Regulation (EU) 2021/2282 on health technology assessment and amending Directive 2011/24/EU entered into force in January 2022 and will apply from January 2025. The implementation work has started, including the setting up of the necessary governance structure and preparatory documents to ensure effective application from this date. The long interim period will be used to put in place the planned organizational framework as well as adopting a series of implementing measures. The first meeting of the coordination group of Member State representatives is scheduled to take place in June 2022. Concretely, any joint work between Member States under the Regulation will only take place as of the first quarter of 2025.

 

Key objective

The Regulation objective is to avoid duplication and reduce burdens on developers. When the regulation was designed, the European Commission highlighted several issues that the new Regulation is meant to address. The most significant being the divergent HTA processes and methodologies in Member States and duplication of work for national HTA bodies and developers.

 

Organisational impact at corporate level

Being confronted with a unique HTA process and methodology, regional/EU headquarters must further reorganise their regional market access team and reinforce their medical/clinical capabilities to highlight the therapeutic value of the offering.

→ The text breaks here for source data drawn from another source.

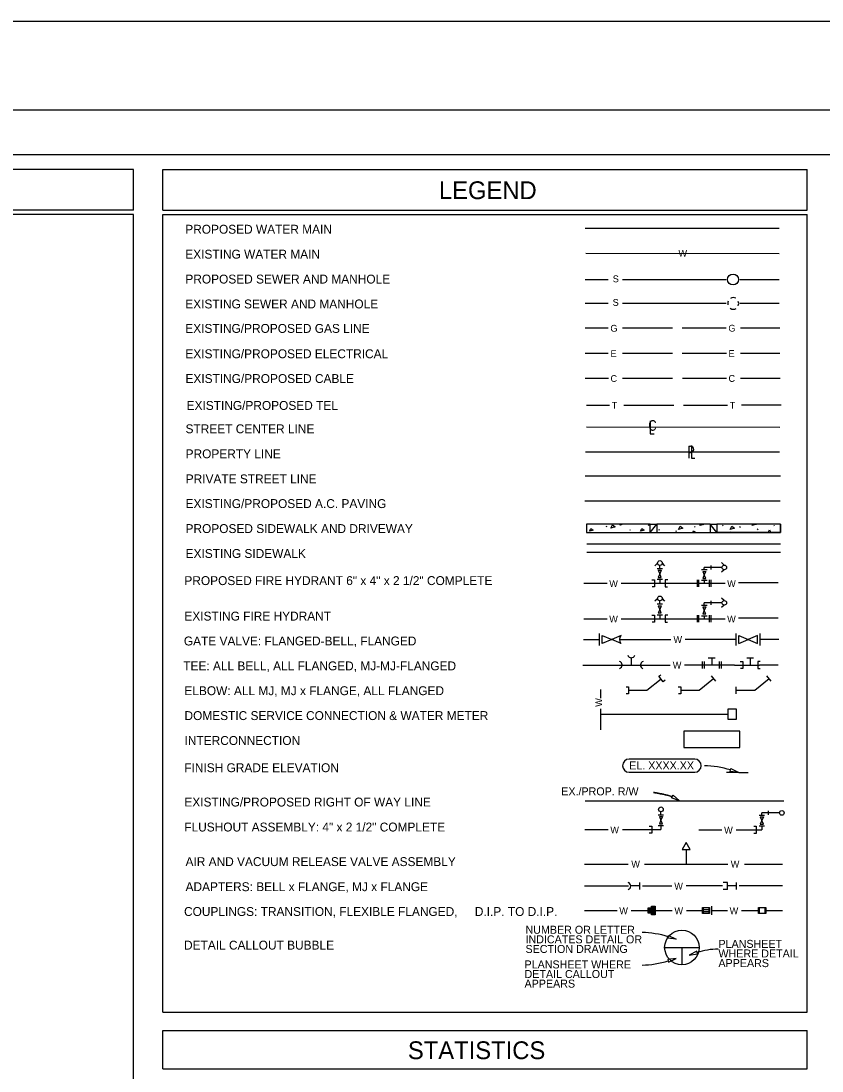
# Model space of a CAD drawing. Extents: x 837 to 1117, y 1316 to 1424.
# Drawn here: x 853.59 to 862.6, y 1410.43 to 1422.24 of the extents above; entities that cross this region are included whole.
import ezdxf

# ---------------------------------------------------------------- set-up
doc = ezdxf.new("R2010")
doc.units = 0
for name, color, linetype in [('0 (Construction)', 7, 'Continuous'), ('BASEMAP', 7, 'Continuous'), ('DIMS', 7, 'Continuous'), ('Existing AC Pavement', 7, 'Continuous'), ('Existing Sewer', 7, 'Continuous'), ('Existing Water', 7, 'Continuous'), ('LLINES', 7, 'Continuous'), ('lot lines', 7, 'Continuous'), ('Pvt and Future St', 7, 'Continuous'), ('Right-Of-Way', 7, 'Continuous'), ('Survey Control', 7, 'Continuous'), ('TEXT', 7, 'Continuous')]:
    doc.layers.add(name, color=color, linetype=linetype)

# ---------------------------------------------------------------- blocks, each defined once
blk = doc.blocks.new('ZPL_1')
at = {"layer": 'Existing Sewer'}
for p, q in [((0, 1213), (0, 0)), ((0, 0), (468, 0))]:
    blk.add_line(p, q, dxfattribs=at)
blk.add_text('C', height=1013, dxfattribs=at).set_placement((-208, 280))

msp = doc.modelspace()

# ---------------------------------------------------------------- linework, layer by layer
at = {"layer": '0 (Construction)'}
msp.add_lwpolyline([(841.77, 1422.24), (877.77, 1422.24), (877.77, 1398.24), (841.77, 1398.24)], close=True, dxfattribs=at)
at = {"layer": 'BASEMAP'}
for p, q in [((843.02, 1421.24), (877.02, 1421.24)), ((843.52, 1420.74), (876.52, 1420.74)), ((854.857, 1420.569), (843.678, 1420.569)), ((854.857, 1420.113), (854.857, 1420.569)), ((855.188, 1420.569), (862.436, 1420.569)), ((855.188, 1420.113), (855.188, 1420.569)), ((862.436, 1420.113), (862.436, 1420.569)), ((854.857, 1420.113), (843.678, 1420.113)), ((855.188, 1420.113), (862.436, 1420.113)), ((854.857, 1420.065), (843.678, 1420.065)), ((854.857, 1399.867), (854.857, 1420.065)), ((855.187, 1411.095), (855.188, 1420.065)), ((855.188, 1420.065), (862.436, 1420.065)), ((862.436, 1411.095), (862.436, 1420.065)), ((855.187, 1411.095), (862.436, 1411.095)), ((855.187, 1410.889), (862.435, 1410.889)), ((855.187, 1410.457), (855.187, 1410.889)), ((862.435, 1410.457), (862.435, 1410.889)), ((855.187, 1410.457), (862.435, 1410.457))]:
    msp.add_line(p, q, dxfattribs=at)
at = {"layer": 'DIMS'}
msp.add_line((860.13, 1415.241), (860.13, 1415.33), dxfattribs=at)
at = {"layer": 'Existing AC Pavement'}
msp.add_line((862.132, 1416.841), (859.935, 1416.841), dxfattribs=at)
at = {"layer": 'Existing Sewer'}
for p, q in [((861.104, 1417.459), (861.104, 1417.323)), ((861.104, 1417.459), (861.124, 1417.459)), ((861.104, 1417.387), (861.124, 1417.387)), ((861.134, 1417.467), (861.134, 1417.323)), ((861.134, 1417.323), (861.17, 1417.323))]:
    msp.add_line(p, q, dxfattribs=at)
msp.add_circle((861.601, 1419.333), 0.0617, dxfattribs=at)
msp.add_arc((861.124, 1417.423), 0.0358, 270, 90, dxfattribs=at)
at = {"layer": 'Existing Water'}
msp.add_line((859.944, 1419.628), (862.121, 1419.627), dxfattribs=at)
at = {"layer": 'LLINES'}
for p, q in [((859.936, 1419.91), (862.121, 1419.91)), ((859.937, 1419.333), (860.197, 1419.333)), ((860.357, 1419.333), (860.919, 1419.333)), ((860.919, 1419.333), (861.525, 1419.333)), ((861.676, 1419.333), (862.121, 1419.333)), ((859.936, 1419.068), (860.197, 1419.068)), ((860.356, 1419.068), (860.919, 1419.068)), ((860.919, 1419.068), (861.524, 1419.068)), ((861.676, 1419.068), (862.121, 1419.068)), ((859.936, 1418.788), (860.197, 1418.788)), ((860.357, 1418.788), (860.919, 1418.788)), ((861.029, 1418.788), (861.525, 1418.788)), ((861.684, 1418.788), (862.128, 1418.788)), ((859.937, 1418.503), (860.198, 1418.503)), ((860.358, 1418.503), (860.92, 1418.503)), ((861.03, 1418.503), (861.526, 1418.503)), ((861.685, 1418.503), (862.129, 1418.503)), ((859.938, 1418.223), (860.199, 1418.223)), ((860.358, 1418.223), (860.921, 1418.223)), ((861.031, 1418.223), (861.526, 1418.223)), ((861.685, 1418.223), (862.13, 1418.223)), ((859.951, 1417.921), (860.212, 1417.921)), ((860.371, 1417.921), (860.934, 1417.921)), ((861.044, 1417.921), (861.539, 1417.921)), ((861.698, 1417.922), (862.143, 1417.922)), ((860.177, 1416.553), (860.182, 1416.564)), ((860.333, 1416.571), (860.334, 1416.583)), ((860.669, 1416.489), (860.744, 1416.583)), ((860.669, 1416.583), (860.744, 1416.583)), ((860.744, 1416.583), (860.744, 1416.489)), ((861.344, 1416.583), (860.744, 1416.583)), ((861.169, 1416.556), (861.174, 1416.549)), ((861.344, 1416.583), (861.344, 1416.489)), ((861.419, 1416.489), (861.344, 1416.583)), ((861.344, 1416.583), (861.419, 1416.583)), ((862.135, 1416.583), (861.419, 1416.583)), ((861.484, 1416.57), (861.489, 1416.562)), ((861.679, 1416.545), (861.684, 1416.556)), ((862.06, 1416.57), (862.065, 1416.562)), ((862.135, 1416.583), (862.135, 1416.489)), ((860.439, 1416.522), (860.444, 1416.515)), ((860.669, 1416.489), (860.744, 1416.489)), ((860.744, 1416.489), (861.344, 1416.489)), ((860.765, 1416.524), (860.77, 1416.516)), ((860.96, 1416.499), (860.965, 1416.51)), ((861.341, 1416.524), (861.346, 1416.516)), ((861.344, 1416.489), (861.419, 1416.489)), ((862.135, 1416.489), (861.419, 1416.489)), ((861.575, 1416.489), (861.58, 1416.5)), ((861.878, 1416.518), (861.883, 1416.53)), ((859.955, 1416.359), (862.136, 1416.359)), ((859.955, 1416.266), (862.136, 1416.266)), ((860.751, 1416.142), (860.723, 1416.114)), ((860.746, 1416.083), (860.808, 1416.083)), ((860.76, 1416.063), (860.777, 1416.023)), ((860.76, 1416.063), (860.794, 1416.063)), ((860.777, 1416.083), (860.777, 1416.119)), ((860.794, 1416.063), (860.777, 1416.023)), ((860.804, 1416.144), (860.832, 1416.115)), ((861.246, 1416.071), (861.309, 1416.071)), ((861.278, 1416.071), (861.278, 1416.095)), ((861.351, 1416.118), (861.351, 1416.073)), ((861.501, 1416.122), (861.473, 1416.149)), ((861.501, 1416.069), (861.473, 1416.041)), ((860.746, 1415.963), (860.808, 1415.963)), ((860.777, 1416.023), (860.76, 1415.983)), ((860.76, 1415.983), (860.794, 1415.983)), ((860.794, 1415.983), (860.777, 1416.023)), ((860.777, 1415.963), (860.777, 1415.917)), ((861.202, 1415.878), (861.202, 1415.957)), ((861.218, 1415.878), (861.218, 1415.957)), ((861.246, 1415.951), (861.309, 1415.951)), ((861.261, 1416.051), (861.295, 1416.051)), ((861.261, 1416.051), (861.278, 1416.011)), ((861.278, 1416.011), (861.261, 1415.971)), ((861.261, 1415.971), (861.295, 1415.971)), ((861.295, 1416.051), (861.278, 1416.011)), ((861.295, 1415.971), (861.278, 1416.011)), ((861.278, 1415.951), (861.278, 1415.917)), ((861.338, 1415.878), (861.338, 1415.957)), ((861.354, 1415.878), (861.354, 1415.957)), ((859.923, 1415.917), (860.184, 1415.917)), ((860.344, 1415.917), (861.512, 1415.917)), ((861.663, 1415.927), (862.108, 1415.927)), ((860.751, 1415.744), (860.723, 1415.716)), ((860.777, 1415.685), (860.777, 1415.721)), ((860.804, 1415.745), (860.832, 1415.717)), ((861.351, 1415.72), (861.351, 1415.674)), ((861.501, 1415.723), (861.473, 1415.751)), ((860.746, 1415.685), (860.808, 1415.685)), ((860.76, 1415.665), (860.777, 1415.624)), ((860.76, 1415.665), (860.794, 1415.665)), ((860.777, 1415.624), (860.76, 1415.584)), ((860.794, 1415.665), (860.777, 1415.624)), ((860.794, 1415.584), (860.777, 1415.624)), ((861.246, 1415.672), (861.309, 1415.672)), ((861.261, 1415.652), (861.295, 1415.652)), ((861.261, 1415.652), (861.278, 1415.612)), ((861.278, 1415.612), (861.261, 1415.572)), ((861.278, 1415.672), (861.278, 1415.697)), ((861.295, 1415.652), (861.278, 1415.612)), ((861.295, 1415.572), (861.278, 1415.612)), ((861.501, 1415.671), (861.473, 1415.643)), ((859.923, 1415.519), (860.184, 1415.519)), ((860.344, 1415.519), (861.512, 1415.519)), ((860.746, 1415.564), (860.808, 1415.564)), ((860.76, 1415.584), (860.794, 1415.584)), ((860.777, 1415.564), (860.777, 1415.519)), ((861.202, 1415.479), (861.202, 1415.558)), ((861.218, 1415.479), (861.218, 1415.558)), ((861.246, 1415.552), (861.309, 1415.552)), ((861.261, 1415.572), (861.295, 1415.572)), ((861.278, 1415.552), (861.278, 1415.519)), ((861.338, 1415.479), (861.338, 1415.558)), ((861.354, 1415.479), (861.354, 1415.558)), ((861.663, 1415.529), (862.108, 1415.529)), ((860.1, 1415.219), (860.1, 1415.354)), ((861.637, 1415.218), (861.637, 1415.353)), ((861.907, 1415.218), (861.907, 1415.353)), ((859.92, 1415.286), (860.1, 1415.286)), ((860.13, 1415.33), (860.236, 1415.286)), ((860.236, 1415.286), (860.13, 1415.241)), ((860.341, 1415.33), (860.236, 1415.286)), ((860.341, 1415.241), (860.236, 1415.286)), ((860.325, 1415.286), (860.903, 1415.286)), ((861.637, 1415.286), (861.062, 1415.286)), ((861.667, 1415.241), (861.667, 1415.33)), ((861.667, 1415.33), (861.772, 1415.286)), ((861.667, 1415.241), (861.772, 1415.286)), ((861.878, 1415.33), (861.772, 1415.286)), ((861.772, 1415.286), (861.878, 1415.241)), ((861.878, 1415.241), (861.878, 1415.33)), ((862.118, 1415.286), (861.907, 1415.286)), ((859.913, 1414.998), (860.895, 1414.998)), ((860.456, 1415.08), (860.456, 1414.998)), ((861.617, 1414.998), (861.055, 1414.998)), ((861.256, 1414.959), (861.256, 1415.036)), ((861.28, 1414.959), (861.28, 1415.036)), ((861.323, 1415.08), (861.4, 1415.08)), ((861.362, 1415.08), (861.362, 1414.998)), ((861.444, 1415.036), (861.444, 1414.959)), ((861.467, 1415.036), (861.467, 1414.959)), ((861.617, 1414.998), (861.692, 1414.998)), ((861.69, 1414.998), (861.9, 1414.998)), ((861.757, 1415.08), (861.833, 1415.08)), ((861.795, 1415.08), (861.795, 1414.998)), ((862.11, 1414.998), (861.9, 1414.998)), ((860.633, 1414.714), (860.792, 1414.841)), ((861.219, 1414.714), (861.383, 1414.846)), ((861.407, 1414.816), (861.359, 1414.876)), ((861.847, 1414.714), (862.006, 1414.847)), ((862.031, 1414.817), (861.981, 1414.876)), ((860.11, 1414.721), (860.11, 1414.626)), ((860.426, 1414.714), (860.633, 1414.714)), ((861.013, 1414.714), (861.219, 1414.714)), ((861.637, 1414.675), (861.637, 1414.752)), ((861.637, 1414.714), (861.847, 1414.714)), ((860.11, 1414.507), (860.11, 1414.27)), ((860.11, 1414.446), (861.547, 1414.446)), ((861.547, 1414.507), (861.638, 1414.507)), ((861.547, 1414.384), (861.547, 1414.507)), ((861.638, 1414.507), (861.638, 1414.384)), ((861.638, 1414.384), (861.547, 1414.384)), ((861.665, 1413.789), (861.528, 1413.789)), ((861.665, 1413.789), (861.772, 1413.789)), ((860.79, 1413.313), (860.79, 1413.349)), ((861.998, 1413.358), (861.998, 1413.312)), ((860.758, 1413.313), (860.82, 1413.313)), ((860.773, 1413.293), (860.807, 1413.293)), ((860.773, 1413.293), (860.79, 1413.253)), ((860.79, 1413.253), (860.773, 1413.213)), ((860.807, 1413.293), (860.79, 1413.253)), ((860.807, 1413.213), (860.79, 1413.253)), ((861.894, 1413.31), (861.956, 1413.31)), ((861.908, 1413.29), (861.925, 1413.25)), ((861.908, 1413.29), (861.942, 1413.29)), ((861.925, 1413.25), (861.908, 1413.21)), ((861.925, 1413.31), (861.925, 1413.335)), ((861.942, 1413.29), (861.925, 1413.25)), ((861.942, 1413.21), (861.925, 1413.25)), ((859.935, 1413.147), (860.196, 1413.147)), ((860.356, 1413.147), (860.789, 1413.147)), ((860.758, 1413.193), (860.82, 1413.193)), ((860.773, 1413.213), (860.807, 1413.213)), ((860.789, 1413.193), (860.789, 1413.147)), ((861.216, 1413.144), (861.476, 1413.144)), ((861.636, 1413.144), (861.925, 1413.144)), ((861.894, 1413.19), (861.956, 1413.19)), ((861.908, 1413.21), (861.942, 1413.21)), ((861.925, 1413.19), (861.925, 1413.144)), ((859.932, 1412.759), (860.423, 1412.759)), ((860.604, 1412.759), (861.541, 1412.759)), ((861.73, 1412.759), (862.158, 1412.759)), ((860.553, 1412.475), (860.553, 1412.551)), ((861.537, 1412.475), (861.537, 1412.551)), ((861.64, 1412.475), (861.64, 1412.551)), ((859.93, 1412.513), (860.425, 1412.513)), ((860.583, 1412.513), (860.913, 1412.513)), ((861.482, 1412.513), (861.073, 1412.513)), ((862.157, 1412.513), (861.67, 1412.513)), ((861.364, 1412.19), (861.364, 1412.286)), ((859.929, 1412.238), (860.297, 1412.238)), ((860.457, 1412.238), (860.647, 1412.238)), ((860.724, 1412.238), (860.918, 1412.238)), ((861.077, 1412.238), (861.258, 1412.238)), ((861.258, 1412.203), (861.258, 1412.273)), ((861.258, 1412.273), (861.338, 1412.273)), ((861.338, 1412.203), (861.258, 1412.203)), ((861.267, 1412.203), (861.267, 1412.273)), ((861.267, 1412.25), (861.329, 1412.25)), ((861.267, 1412.227), (861.329, 1412.227)), ((861.329, 1412.273), (861.329, 1412.203)), ((861.338, 1412.273), (861.338, 1412.203)), ((861.364, 1412.238), (861.538, 1412.238)), ((861.698, 1412.238), (861.888, 1412.238)), ((861.888, 1412.273), (861.969, 1412.273)), ((861.888, 1412.203), (861.888, 1412.273)), ((861.969, 1412.203), (861.888, 1412.203)), ((861.898, 1412.203), (861.898, 1412.273)), ((861.959, 1412.273), (861.959, 1412.203)), ((861.969, 1412.273), (861.969, 1412.203)), ((861.969, 1412.238), (862.159, 1412.238)), ((860.832, 1411.822), (861.22, 1411.822)), ((861.026, 1411.822), (861.026, 1411.628))]:
    msp.add_line(p, q, dxfattribs=at)
for points in [[(860.669, 1416.583), (859.954, 1416.583), (859.954, 1416.489), (860.669, 1416.489), (860.669, 1416.583)], [(859.985, 1416.502), (860.001, 1416.534), (860.026, 1416.515), (859.985, 1416.502)], [(860.227, 1416.536), (860.246, 1416.574), (860.277, 1416.551), (860.227, 1416.536)], [(860.359, 1416.583), (860.334, 1416.571)], [(860.561, 1416.502), (860.577, 1416.534), (860.602, 1416.515), (860.561, 1416.502)], [(860.651, 1416.565), (860.66, 1416.583)], [(860.669, 1416.571), (860.651, 1416.565)], [(860.989, 1416.522), (861.007, 1416.56), (861.038, 1416.537), (860.989, 1416.522)], [(861.227, 1416.565), (861.236, 1416.583)], [(861.262, 1416.583), (861.268, 1416.578), (861.227, 1416.565)], [(862.135, 1416.583), (861.419, 1416.583), (861.419, 1416.489), (862.135, 1416.489), (862.135, 1416.583)], [(861.57, 1416.522), (861.588, 1416.56), (861.619, 1416.537), (861.57, 1416.522)], [(861.817, 1416.565), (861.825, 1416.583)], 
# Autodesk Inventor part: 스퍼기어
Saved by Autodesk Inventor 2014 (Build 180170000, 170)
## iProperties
Created: 2026-09
Part Number: 스퍼기어
Material: 일반
Document SubType Name: Modeling
Designer: dg
Density: 1 g/cm^3
Appearance: 기본값
Author: dg
Author: jhkim
Creation Date: 2026-08-26
Sending System: Autodesk Inventor 2027
Preprocessor: ST-DEVELOPER v20.1
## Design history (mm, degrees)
node "스퍼기어1"
node "솔리드1"
node "기준1"

They should also interact with the corporate medical and marketing department when confronting the desired product profile with the pivotal studies’ findings and translating it into therapeutic value. The health economics corporate department will concentrate on modelling cost-effectiveness and budget impact, leaving the actual economic value computation to their affiliates.

 

Organisational impact at affiliate level

Today, many companies are still producing their pricing and reimbursement dossiers locally, usually with some corporate support and global value dossiers to show therapeutic and economic value. Tomorrow, and based on the Regulation timelines starting with oncology, therapeutic value will be assessed centrally. This will partly change the mission of local market access teams and their interactions with colleagues from the medical department, reinforcing the links between market access, marketing and, possibly, finance to support the local definition of economic value, based on models developed by corporate with local costing and running. We anticipate that more health economists and econometrists, as well as some specialists in real world evidence and pharmaco-epidemiology will be working in market access. These profiles are already difficult to find today and will become increasingly difficult to find given the supply and demand imbalance for these talents. Companies that will be ready to invest in these profiles and their training early, will gain a competitive advantage for the next 10-20 years in market access.

 

Proving that you bring therapeutic value at EU level and economic value at member state level will ensure that your offering will be accessible by patients in local markets.